··· INPUT DATA ···
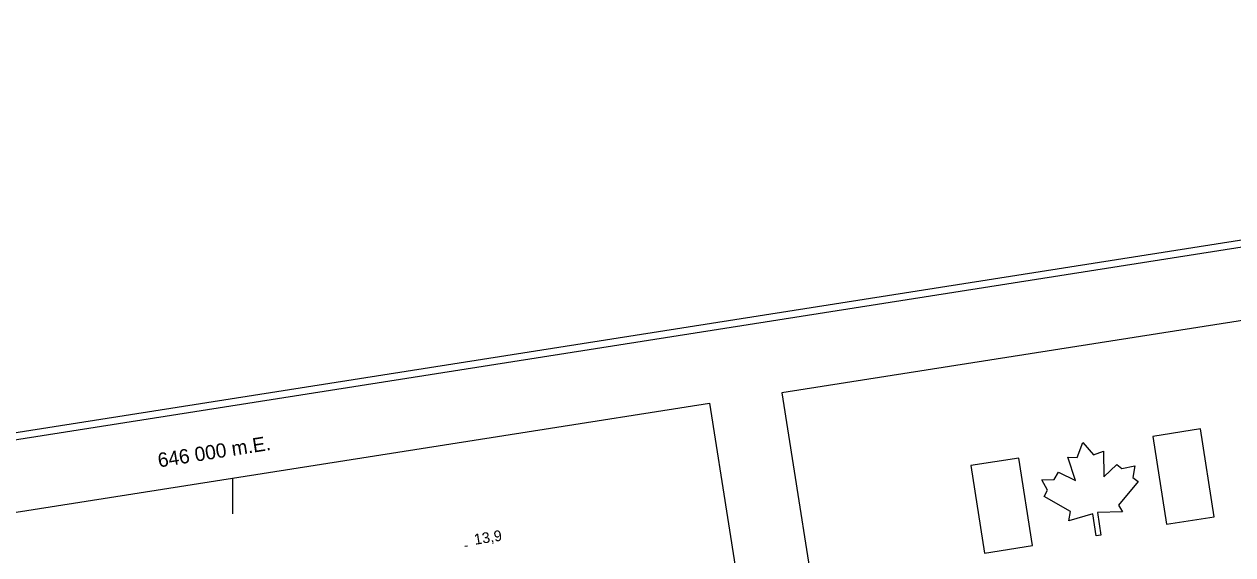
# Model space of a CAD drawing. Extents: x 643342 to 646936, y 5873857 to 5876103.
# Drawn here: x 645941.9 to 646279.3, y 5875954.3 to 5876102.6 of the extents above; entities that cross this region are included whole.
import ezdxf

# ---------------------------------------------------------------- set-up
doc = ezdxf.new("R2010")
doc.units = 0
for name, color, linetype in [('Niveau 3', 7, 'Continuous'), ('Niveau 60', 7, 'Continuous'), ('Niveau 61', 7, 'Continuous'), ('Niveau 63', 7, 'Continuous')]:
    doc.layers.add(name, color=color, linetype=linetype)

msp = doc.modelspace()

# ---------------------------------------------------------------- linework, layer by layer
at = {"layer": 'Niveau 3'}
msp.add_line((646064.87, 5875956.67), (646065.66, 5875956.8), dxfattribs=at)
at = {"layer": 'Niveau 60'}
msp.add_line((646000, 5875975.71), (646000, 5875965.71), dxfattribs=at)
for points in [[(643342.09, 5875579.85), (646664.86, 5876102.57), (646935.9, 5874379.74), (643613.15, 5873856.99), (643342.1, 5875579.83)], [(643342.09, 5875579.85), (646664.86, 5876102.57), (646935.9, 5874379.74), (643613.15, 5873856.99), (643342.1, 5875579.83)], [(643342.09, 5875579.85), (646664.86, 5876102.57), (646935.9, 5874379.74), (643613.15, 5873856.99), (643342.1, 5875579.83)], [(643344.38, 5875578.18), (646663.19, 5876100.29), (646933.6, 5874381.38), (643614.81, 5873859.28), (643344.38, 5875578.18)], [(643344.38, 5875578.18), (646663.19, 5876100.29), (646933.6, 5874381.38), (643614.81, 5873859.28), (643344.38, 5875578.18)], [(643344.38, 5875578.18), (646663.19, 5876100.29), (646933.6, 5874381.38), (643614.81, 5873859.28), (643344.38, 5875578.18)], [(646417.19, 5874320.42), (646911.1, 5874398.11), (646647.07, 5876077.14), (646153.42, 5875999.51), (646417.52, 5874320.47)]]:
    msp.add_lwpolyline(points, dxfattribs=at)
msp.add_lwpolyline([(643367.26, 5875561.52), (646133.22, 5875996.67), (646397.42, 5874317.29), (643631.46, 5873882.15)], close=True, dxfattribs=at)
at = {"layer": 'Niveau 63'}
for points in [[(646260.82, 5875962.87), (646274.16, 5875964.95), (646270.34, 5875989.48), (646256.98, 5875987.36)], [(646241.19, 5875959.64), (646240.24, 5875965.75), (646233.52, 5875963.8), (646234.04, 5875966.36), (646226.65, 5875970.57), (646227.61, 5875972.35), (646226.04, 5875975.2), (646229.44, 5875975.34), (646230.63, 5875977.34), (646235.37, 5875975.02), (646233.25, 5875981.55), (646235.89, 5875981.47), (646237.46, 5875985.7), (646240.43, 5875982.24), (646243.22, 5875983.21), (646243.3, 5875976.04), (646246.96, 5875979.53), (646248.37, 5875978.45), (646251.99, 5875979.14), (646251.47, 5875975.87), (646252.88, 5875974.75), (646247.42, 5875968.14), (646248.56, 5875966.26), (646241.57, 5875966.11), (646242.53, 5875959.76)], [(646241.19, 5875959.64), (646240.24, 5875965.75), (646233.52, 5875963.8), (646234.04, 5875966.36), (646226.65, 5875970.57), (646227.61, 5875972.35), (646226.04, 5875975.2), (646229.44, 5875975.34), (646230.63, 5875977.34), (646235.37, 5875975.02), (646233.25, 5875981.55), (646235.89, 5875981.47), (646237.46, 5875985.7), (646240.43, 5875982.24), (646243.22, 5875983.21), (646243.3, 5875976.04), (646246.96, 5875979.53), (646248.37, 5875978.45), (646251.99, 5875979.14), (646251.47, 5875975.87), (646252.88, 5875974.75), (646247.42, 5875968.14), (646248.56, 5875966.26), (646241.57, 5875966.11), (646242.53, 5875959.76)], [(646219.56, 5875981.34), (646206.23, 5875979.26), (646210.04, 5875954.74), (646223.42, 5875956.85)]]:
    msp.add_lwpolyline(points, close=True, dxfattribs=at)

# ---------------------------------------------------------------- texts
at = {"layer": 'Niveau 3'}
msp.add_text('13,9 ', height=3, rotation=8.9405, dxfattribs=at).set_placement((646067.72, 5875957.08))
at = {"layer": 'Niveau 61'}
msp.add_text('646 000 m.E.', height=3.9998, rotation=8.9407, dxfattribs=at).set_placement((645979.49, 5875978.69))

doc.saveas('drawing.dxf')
···
◆ **YOUR GOAL**
What is needed is an exact transcription of every entry, minus the pictures.

◆ **FINAL ANSWER**
# Model space of a CAD drawing. Extents: x 643342 to 646936, y 5873857 to 5876103.
# Drawn here: x 645941.9 to 646279.3, y 5875954.3 to 5876102.6 of the extents above; entities that cross this region are included whole.
import ezdxf

# ---------------------------------------------------------------- set-up
doc = ezdxf.new("R2010")
doc.units = 0
for name, color, linetype in [('Niveau 3', 7, 'Continuous'), ('Niveau 60', 7, 'Continuous'), ('Niveau 61', 7, 'Continuous'), ('Niveau 63', 7, 'Continuous')]:
    doc.layers.add(name, color=color, linetype=linetype)

msp = doc.modelspace()

# ---------------------------------------------------------------- linework, layer by layer
at = {"layer": 'Niveau 3'}
msp.add_line((646064.87, 5875956.67), (646065.66, 5875956.8), dxfattribs=at)
at = {"layer": 'Niveau 60'}
msp.add_line((646000, 5875975.71), (646000, 5875965.71), dxfattribs=at)
for points in [[(643342.09, 5875579.85), (646664.86, 5876102.57), (646935.9, 5874379.74), (643613.15, 5873856.99), (643342.1, 5875579.83)], [(643342.09, 5875579.85), (646664.86, 5876102.57), (646935.9, 5874379.74), (643613.15, 5873856.99), (643342.1, 5875579.83)], [(643342.09, 5875579.85), (646664.86, 5876102.57), (646935.9, 5874379.74), (643613.15, 5873856.99), (643342.1, 5875579.83)], [(643344.38, 5875578.18), (646663.19, 5876100.29), (646933.6, 5874381.38), (643614.81, 5873859.28), (643344.38, 5875578.18)], [(643344.38, 5875578.18), (646663.19, 5876100.29), (646933.6, 5874381.38), (643614.81, 5873859.28), (643344.38, 5875578.18)], [(643344.38, 5875578.18), (646663.19, 5876100.29), (646933.6, 5874381.38), (643614.81, 5873859.28), (643344.38, 5875578.18)], [(646417.19, 5874320.42), (646911.1, 5874398.11), (646647.07, 5876077.14), (646153.42, 5875999.51), (646417.52, 5874320.47)]]:
    msp.add_lwpolyline(points, dxfattribs=at)
msp.add_lwpolyline([(643367.26, 5875561.52), (646133.22, 5875996.67), (646397.42, 5874317.29), (643631.46, 5873882.15)], close=True, dxfattribs=at)
at = {"layer": 'Niveau 63'}
for points in [[(646260.82, 5875962.87), (646274.16, 5875964.95), (646270.34, 5875989.48), (646256.98, 5875987.36)], [(646241.19, 5875959.64), (646240.24, 5875965.75), (646233.52, 5875963.8), (646234.04, 5875966.36), (646226.65, 5875970.57), (646227.61, 5875972.35), (646226.04, 5875975.2), (646229.44, 5875975.34), (646230.63, 5875977.34), (646235.37, 5875975.02), (646233.25, 5875981.55), (646235.89, 5875981.47), (646237.46, 5875985.7), (646240.43, 5875982.24), (646243.22, 5875983.21), (646243.3, 5875976.04), (646246.96, 5875979.53), (646248.37, 5875978.45), (646251.99, 5875979.14), (646251.47, 5875975.87), (646252.88, 5875974.75), (646247.42, 5875968.14), (646248.56, 5875966.26), (646241.57, 5875966.11), (646242.53, 5875959.76)], [(646241.19, 5875959.64), (646240.24, 5875965.75), (646233.52, 5875963.8), (646234.04, 5875966.36), (646226.65, 5875970.57), (646227.61, 5875972.35), (646226.04, 5875975.2), (646229.44, 5875975.34), (646230.63, 5875977.34), (646235.37, 5875975.02), (646233.25, 5875981.55), (646235.89, 5875981.47), (646237.46, 5875985.7), (646240.43, 5875982.24), (646243.22, 5875983.21), (646243.3, 5875976.04), (646246.96, 5875979.53), (646248.37, 5875978.45), (646251.99, 5875979.14), (646251.47, 5875975.87), (646252.88, 5875974.75), (646247.42, 5875968.14), (646248.56, 5875966.26), (646241.57, 5875966.11), (646242.53, 5875959.76)], [(646219.56, 5875981.34), (646206.23, 5875979.26), (646210.04, 5875954.74), (646223.42, 5875956.85)]]:
    msp.add_lwpolyline(points, close=True, dxfattribs=at)

# ---------------------------------------------------------------- texts
at = {"layer": 'Niveau 3'}
msp.add_text('13,9 ', height=3, rotation=8.9405, dxfattribs=at).set_placement((646067.72, 5875957.08))
at = {"layer": 'Niveau 61'}
msp.add_text('646 000 m.E.', height=3.9998, rotation=8.9407, dxfattribs=at).set_placement((645979.49, 5875978.69))

doc.saveas('drawing.dxf')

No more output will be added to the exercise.